TASK OBJECTIVE:
Report all lines from the entries below in which "under" appears.

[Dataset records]
:::
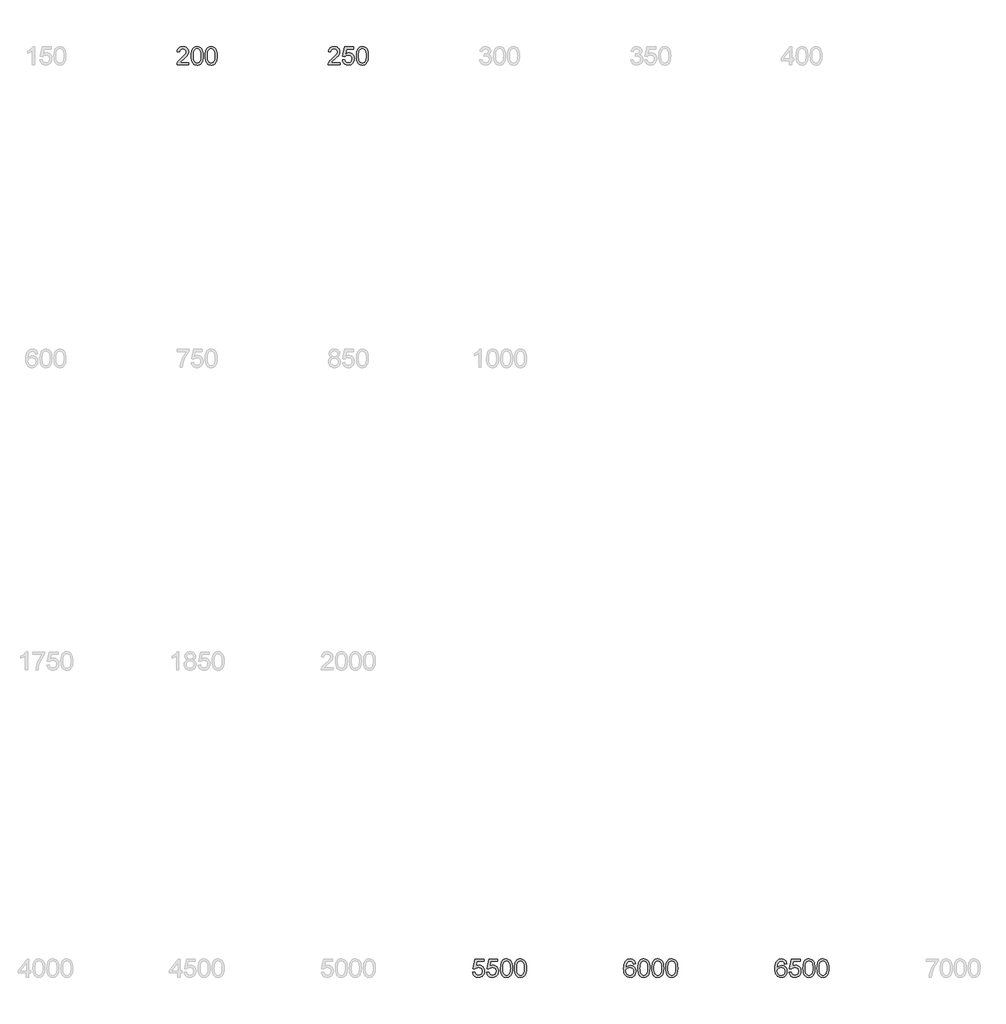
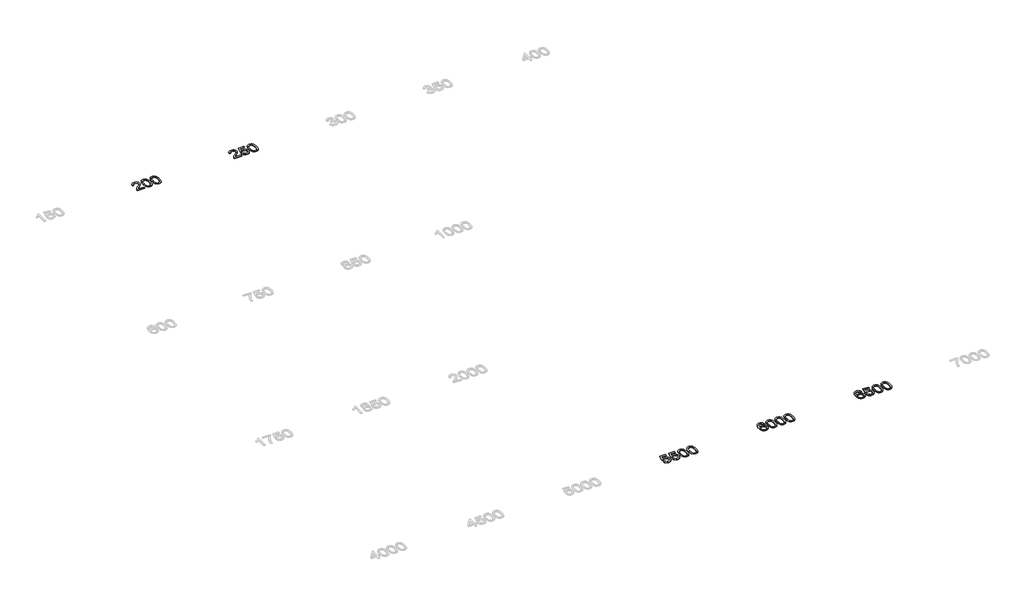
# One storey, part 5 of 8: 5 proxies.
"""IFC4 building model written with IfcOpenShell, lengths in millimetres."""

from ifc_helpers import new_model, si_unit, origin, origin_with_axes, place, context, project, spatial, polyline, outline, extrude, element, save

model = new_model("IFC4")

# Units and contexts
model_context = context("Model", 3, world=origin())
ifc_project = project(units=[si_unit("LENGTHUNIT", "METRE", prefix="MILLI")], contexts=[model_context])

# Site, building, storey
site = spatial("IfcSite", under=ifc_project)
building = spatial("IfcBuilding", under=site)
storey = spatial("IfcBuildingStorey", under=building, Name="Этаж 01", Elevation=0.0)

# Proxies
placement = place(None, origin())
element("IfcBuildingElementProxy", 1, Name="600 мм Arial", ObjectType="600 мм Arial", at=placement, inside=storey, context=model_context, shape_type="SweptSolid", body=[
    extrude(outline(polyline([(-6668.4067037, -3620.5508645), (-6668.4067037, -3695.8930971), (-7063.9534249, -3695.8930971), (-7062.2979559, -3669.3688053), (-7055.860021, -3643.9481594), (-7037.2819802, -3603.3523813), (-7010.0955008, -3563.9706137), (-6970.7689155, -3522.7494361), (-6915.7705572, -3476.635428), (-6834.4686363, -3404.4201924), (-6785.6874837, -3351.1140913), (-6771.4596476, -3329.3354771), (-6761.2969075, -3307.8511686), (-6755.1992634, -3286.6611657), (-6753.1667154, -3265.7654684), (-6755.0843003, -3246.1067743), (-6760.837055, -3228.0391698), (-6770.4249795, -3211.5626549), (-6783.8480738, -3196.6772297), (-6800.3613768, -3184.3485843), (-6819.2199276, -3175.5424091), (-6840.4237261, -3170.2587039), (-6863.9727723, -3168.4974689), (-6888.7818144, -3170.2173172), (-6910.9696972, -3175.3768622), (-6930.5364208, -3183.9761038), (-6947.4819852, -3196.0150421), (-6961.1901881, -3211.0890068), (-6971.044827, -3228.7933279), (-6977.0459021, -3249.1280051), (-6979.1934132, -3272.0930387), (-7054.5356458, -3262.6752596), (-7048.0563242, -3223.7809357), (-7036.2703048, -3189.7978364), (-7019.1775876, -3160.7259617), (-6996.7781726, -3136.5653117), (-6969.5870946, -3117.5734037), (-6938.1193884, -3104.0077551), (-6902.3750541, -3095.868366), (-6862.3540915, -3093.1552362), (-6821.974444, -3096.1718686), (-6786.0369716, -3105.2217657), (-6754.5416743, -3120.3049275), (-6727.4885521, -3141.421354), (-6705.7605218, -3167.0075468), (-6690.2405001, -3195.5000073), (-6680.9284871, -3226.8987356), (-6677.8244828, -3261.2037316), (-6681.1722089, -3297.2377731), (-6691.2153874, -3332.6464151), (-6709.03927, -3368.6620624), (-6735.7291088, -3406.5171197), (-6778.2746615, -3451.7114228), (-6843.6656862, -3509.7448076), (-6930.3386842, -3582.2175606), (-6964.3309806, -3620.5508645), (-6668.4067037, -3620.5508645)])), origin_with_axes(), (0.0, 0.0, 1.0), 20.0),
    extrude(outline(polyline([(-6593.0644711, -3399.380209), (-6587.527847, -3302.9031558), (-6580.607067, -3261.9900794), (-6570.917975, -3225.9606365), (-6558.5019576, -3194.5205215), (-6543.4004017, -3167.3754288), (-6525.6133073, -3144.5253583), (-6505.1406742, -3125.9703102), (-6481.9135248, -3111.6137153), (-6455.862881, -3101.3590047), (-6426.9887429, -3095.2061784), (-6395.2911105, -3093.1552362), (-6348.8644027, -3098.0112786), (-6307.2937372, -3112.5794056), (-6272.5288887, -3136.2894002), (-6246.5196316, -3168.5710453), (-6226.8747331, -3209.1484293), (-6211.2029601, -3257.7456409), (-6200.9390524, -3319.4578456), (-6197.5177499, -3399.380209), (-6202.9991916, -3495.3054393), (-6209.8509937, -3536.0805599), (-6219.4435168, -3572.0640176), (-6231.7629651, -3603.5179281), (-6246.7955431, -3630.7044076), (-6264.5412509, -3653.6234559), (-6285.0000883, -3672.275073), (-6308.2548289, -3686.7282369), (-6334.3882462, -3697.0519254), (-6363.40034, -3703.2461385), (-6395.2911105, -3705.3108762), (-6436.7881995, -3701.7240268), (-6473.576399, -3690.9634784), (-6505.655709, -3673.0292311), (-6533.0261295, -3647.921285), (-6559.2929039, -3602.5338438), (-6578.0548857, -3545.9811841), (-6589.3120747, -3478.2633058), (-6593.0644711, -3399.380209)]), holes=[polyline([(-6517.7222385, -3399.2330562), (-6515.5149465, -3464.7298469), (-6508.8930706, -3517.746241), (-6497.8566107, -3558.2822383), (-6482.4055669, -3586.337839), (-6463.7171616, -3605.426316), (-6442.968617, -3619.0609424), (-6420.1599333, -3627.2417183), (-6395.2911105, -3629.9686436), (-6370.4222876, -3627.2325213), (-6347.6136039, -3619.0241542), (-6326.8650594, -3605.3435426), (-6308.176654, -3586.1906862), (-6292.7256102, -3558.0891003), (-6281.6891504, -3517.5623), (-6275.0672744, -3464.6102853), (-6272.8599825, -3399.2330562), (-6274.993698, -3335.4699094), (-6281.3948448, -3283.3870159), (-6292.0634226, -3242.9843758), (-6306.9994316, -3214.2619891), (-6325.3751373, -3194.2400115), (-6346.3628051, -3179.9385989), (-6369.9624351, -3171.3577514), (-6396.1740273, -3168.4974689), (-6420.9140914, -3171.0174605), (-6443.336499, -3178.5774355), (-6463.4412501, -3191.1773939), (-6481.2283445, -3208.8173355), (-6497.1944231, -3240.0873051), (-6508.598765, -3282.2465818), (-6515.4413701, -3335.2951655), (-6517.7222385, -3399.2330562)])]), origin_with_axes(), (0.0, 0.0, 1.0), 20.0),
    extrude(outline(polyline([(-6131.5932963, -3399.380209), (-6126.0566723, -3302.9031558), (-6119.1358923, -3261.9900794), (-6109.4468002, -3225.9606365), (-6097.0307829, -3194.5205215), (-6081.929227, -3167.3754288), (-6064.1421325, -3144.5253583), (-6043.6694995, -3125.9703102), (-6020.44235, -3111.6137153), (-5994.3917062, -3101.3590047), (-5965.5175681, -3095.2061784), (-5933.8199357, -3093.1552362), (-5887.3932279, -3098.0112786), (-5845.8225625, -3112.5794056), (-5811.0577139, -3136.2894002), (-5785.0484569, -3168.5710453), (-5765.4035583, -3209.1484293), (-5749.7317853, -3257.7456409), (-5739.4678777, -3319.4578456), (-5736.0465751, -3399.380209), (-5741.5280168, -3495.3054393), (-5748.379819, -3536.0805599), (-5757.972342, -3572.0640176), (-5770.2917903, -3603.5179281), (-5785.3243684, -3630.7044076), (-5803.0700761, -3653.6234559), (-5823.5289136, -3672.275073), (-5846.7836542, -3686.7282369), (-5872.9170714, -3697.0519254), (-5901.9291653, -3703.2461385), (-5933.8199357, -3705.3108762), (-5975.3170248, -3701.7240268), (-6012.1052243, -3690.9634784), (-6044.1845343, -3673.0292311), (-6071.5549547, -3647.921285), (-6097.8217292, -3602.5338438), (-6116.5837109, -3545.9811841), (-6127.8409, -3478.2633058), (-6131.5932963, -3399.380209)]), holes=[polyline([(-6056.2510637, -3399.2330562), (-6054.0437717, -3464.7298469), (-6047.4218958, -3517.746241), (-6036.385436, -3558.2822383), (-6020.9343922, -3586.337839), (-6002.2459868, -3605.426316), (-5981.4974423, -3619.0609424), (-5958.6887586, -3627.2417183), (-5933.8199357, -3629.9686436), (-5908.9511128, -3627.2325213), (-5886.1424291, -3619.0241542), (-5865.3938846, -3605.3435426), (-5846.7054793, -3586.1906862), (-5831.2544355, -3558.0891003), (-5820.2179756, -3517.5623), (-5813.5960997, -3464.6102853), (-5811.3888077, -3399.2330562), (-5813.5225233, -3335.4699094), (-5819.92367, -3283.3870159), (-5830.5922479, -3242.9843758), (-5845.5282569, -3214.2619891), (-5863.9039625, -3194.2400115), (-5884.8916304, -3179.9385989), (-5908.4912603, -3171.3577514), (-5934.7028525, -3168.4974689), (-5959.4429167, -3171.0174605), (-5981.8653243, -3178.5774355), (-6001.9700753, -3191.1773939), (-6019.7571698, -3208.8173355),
:::
SOLUTION FOR THIS TASK:
site = spatial("IfcSite", under=ifc_project)
building = spatial("IfcBuilding", under=site)
storey = spatial("IfcBuildingStorey", under=building, Name="Этаж 01", Elevation=0.0)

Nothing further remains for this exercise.